(Exercise objective)
Every line containing "kind" should be identified and copied from the data below.

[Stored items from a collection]
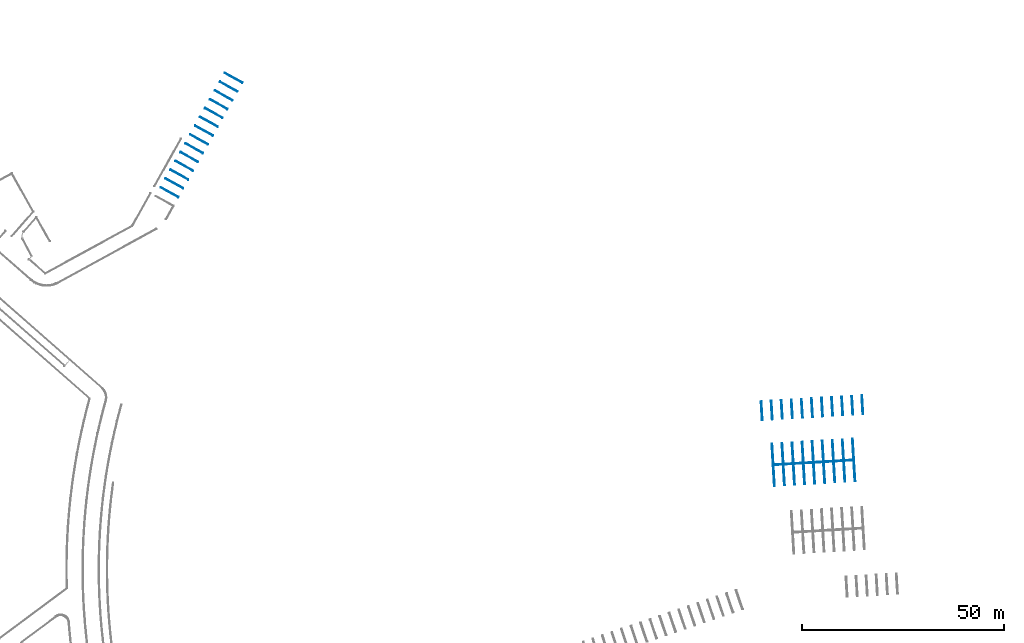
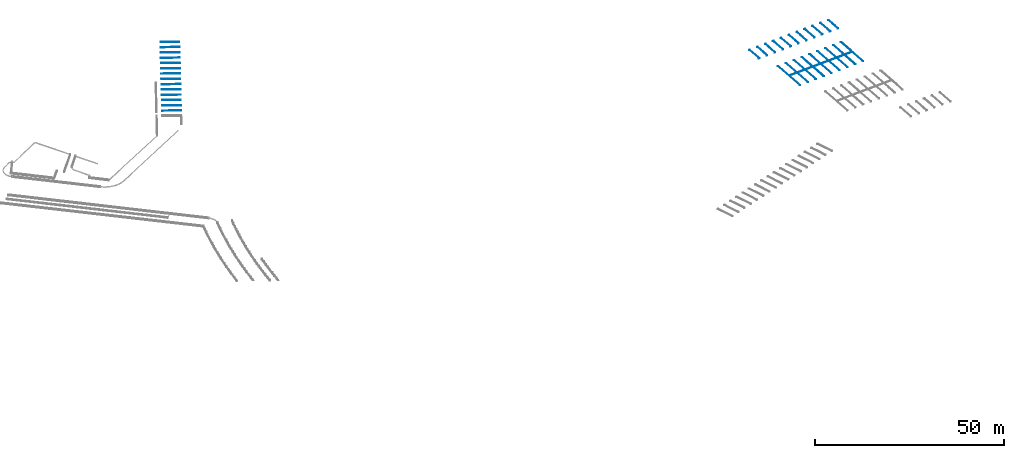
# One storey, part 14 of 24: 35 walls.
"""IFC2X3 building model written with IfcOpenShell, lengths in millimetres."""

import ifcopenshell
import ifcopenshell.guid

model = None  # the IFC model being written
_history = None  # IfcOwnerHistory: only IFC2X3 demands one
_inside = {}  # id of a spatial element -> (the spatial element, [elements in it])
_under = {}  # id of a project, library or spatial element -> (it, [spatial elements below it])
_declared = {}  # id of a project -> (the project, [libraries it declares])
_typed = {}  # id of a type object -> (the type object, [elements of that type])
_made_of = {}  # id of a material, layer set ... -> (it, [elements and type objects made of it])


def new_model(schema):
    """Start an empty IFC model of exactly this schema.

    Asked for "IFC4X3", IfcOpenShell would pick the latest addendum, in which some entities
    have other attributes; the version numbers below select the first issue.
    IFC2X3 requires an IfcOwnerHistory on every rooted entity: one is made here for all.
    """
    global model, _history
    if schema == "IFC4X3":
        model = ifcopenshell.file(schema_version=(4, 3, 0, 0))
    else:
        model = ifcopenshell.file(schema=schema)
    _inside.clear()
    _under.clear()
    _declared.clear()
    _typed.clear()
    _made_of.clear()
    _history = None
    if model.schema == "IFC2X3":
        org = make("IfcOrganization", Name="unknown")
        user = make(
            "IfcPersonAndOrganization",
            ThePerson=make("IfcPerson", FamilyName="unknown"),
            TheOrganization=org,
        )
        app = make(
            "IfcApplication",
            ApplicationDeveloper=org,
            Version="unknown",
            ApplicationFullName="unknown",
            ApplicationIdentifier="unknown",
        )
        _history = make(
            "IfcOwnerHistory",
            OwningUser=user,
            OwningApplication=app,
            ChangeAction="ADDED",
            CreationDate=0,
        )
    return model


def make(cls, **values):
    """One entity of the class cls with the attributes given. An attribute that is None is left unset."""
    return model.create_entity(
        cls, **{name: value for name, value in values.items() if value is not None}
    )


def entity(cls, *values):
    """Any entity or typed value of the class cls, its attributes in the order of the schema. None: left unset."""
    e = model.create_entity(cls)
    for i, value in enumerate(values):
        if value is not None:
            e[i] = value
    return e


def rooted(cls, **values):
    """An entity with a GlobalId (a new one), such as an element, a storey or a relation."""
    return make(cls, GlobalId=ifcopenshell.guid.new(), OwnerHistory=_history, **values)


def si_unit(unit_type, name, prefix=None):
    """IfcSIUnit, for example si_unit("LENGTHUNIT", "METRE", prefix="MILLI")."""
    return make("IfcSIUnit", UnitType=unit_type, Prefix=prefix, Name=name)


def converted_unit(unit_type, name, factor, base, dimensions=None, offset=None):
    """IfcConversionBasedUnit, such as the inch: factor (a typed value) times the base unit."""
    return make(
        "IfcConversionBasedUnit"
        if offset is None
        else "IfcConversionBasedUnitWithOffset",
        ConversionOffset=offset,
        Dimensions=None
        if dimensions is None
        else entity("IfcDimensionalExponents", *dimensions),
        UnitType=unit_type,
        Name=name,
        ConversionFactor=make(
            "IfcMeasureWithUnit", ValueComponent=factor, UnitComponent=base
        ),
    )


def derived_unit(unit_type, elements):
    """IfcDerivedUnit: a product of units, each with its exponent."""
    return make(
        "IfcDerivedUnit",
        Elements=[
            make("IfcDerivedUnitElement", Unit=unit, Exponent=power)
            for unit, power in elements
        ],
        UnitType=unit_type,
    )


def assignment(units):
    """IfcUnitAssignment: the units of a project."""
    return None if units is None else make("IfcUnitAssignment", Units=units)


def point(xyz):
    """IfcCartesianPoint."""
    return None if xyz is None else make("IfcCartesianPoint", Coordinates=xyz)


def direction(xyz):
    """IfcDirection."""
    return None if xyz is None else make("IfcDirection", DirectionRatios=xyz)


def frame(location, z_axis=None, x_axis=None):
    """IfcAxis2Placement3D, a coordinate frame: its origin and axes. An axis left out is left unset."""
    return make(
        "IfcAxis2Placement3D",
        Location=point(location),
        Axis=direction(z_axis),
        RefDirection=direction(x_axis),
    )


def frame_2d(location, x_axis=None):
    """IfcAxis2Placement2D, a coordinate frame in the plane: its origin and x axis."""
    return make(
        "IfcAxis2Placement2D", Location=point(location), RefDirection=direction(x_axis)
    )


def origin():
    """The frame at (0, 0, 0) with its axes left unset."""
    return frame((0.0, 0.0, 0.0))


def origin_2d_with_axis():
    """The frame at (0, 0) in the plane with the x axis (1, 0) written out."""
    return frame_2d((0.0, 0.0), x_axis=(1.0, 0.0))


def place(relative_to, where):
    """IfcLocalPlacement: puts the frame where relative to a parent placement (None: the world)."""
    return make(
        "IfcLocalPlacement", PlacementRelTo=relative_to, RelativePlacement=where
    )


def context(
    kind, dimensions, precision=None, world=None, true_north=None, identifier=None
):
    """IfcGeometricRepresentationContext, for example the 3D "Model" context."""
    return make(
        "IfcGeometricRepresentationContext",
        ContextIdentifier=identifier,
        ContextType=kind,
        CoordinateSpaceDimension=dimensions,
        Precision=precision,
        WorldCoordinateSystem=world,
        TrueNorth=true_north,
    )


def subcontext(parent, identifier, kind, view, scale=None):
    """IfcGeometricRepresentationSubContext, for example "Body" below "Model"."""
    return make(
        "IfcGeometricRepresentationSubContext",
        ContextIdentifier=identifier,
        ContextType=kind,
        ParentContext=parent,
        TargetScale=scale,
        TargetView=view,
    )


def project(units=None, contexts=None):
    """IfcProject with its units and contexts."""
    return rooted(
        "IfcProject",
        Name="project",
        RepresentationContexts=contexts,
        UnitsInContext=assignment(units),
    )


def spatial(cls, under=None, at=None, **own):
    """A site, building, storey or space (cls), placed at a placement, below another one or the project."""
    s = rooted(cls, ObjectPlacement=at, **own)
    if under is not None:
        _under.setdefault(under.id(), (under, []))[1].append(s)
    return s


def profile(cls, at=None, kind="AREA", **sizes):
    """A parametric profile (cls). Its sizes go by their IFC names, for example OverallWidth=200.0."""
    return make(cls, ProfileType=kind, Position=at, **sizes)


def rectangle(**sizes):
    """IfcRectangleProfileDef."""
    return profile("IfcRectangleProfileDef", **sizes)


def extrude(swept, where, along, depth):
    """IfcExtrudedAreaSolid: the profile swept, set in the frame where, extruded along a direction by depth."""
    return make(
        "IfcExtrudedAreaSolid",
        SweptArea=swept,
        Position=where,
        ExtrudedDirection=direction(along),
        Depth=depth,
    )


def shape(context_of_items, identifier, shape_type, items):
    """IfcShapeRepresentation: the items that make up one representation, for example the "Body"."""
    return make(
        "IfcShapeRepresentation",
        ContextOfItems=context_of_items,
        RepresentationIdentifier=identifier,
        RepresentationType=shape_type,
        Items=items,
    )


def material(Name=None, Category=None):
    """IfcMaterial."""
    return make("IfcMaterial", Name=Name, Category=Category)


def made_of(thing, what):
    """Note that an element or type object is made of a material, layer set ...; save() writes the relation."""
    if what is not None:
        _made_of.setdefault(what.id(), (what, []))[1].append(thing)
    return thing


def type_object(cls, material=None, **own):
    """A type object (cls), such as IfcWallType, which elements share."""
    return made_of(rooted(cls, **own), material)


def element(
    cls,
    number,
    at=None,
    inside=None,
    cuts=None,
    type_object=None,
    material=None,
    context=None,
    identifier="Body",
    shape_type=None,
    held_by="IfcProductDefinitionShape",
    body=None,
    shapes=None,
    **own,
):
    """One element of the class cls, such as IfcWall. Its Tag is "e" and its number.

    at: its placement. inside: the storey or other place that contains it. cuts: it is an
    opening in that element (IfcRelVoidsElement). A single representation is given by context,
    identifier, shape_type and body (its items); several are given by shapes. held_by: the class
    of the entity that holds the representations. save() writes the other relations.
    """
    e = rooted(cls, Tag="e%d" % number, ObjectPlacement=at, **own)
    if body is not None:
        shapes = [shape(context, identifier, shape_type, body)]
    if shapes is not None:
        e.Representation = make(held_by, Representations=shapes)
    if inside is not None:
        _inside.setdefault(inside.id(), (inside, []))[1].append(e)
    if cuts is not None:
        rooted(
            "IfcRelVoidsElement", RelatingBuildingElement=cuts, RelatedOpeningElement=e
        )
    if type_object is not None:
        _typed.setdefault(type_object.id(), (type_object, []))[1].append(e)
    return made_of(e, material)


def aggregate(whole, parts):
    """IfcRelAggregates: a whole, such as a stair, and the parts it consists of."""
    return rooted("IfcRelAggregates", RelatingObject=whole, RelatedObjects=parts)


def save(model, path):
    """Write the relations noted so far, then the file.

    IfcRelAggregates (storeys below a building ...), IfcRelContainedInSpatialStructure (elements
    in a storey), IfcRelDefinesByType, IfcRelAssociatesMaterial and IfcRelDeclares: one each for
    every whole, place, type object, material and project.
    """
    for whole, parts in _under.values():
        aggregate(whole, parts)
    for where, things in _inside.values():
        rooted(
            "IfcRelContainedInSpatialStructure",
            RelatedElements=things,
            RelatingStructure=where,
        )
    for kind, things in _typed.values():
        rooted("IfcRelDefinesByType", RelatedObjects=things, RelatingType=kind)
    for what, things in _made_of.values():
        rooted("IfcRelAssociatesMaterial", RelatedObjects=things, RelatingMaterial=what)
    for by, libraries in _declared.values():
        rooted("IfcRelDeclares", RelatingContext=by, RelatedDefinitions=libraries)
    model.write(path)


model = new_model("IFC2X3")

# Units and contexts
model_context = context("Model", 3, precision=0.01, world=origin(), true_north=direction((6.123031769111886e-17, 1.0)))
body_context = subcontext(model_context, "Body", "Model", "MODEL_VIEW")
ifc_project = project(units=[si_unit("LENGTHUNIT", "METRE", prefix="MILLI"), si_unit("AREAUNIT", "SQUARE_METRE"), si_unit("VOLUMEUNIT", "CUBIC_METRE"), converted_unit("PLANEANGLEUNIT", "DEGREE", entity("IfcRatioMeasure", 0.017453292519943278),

(Result of this task)
    kind, dimensions, precision=None, world=None, true_north=None, identifier=None
        ContextType=kind,
def subcontext(parent, identifier, kind, view, scale=None):
        ContextType=kind,
def profile(cls, at=None, kind="AREA", **sizes):
    return make(cls, ProfileType=kind, Position=at, **sizes)
    for kind, things in _typed.values():
        rooted("IfcRelDefinesByType", RelatedObjects=things, RelatingType=kind)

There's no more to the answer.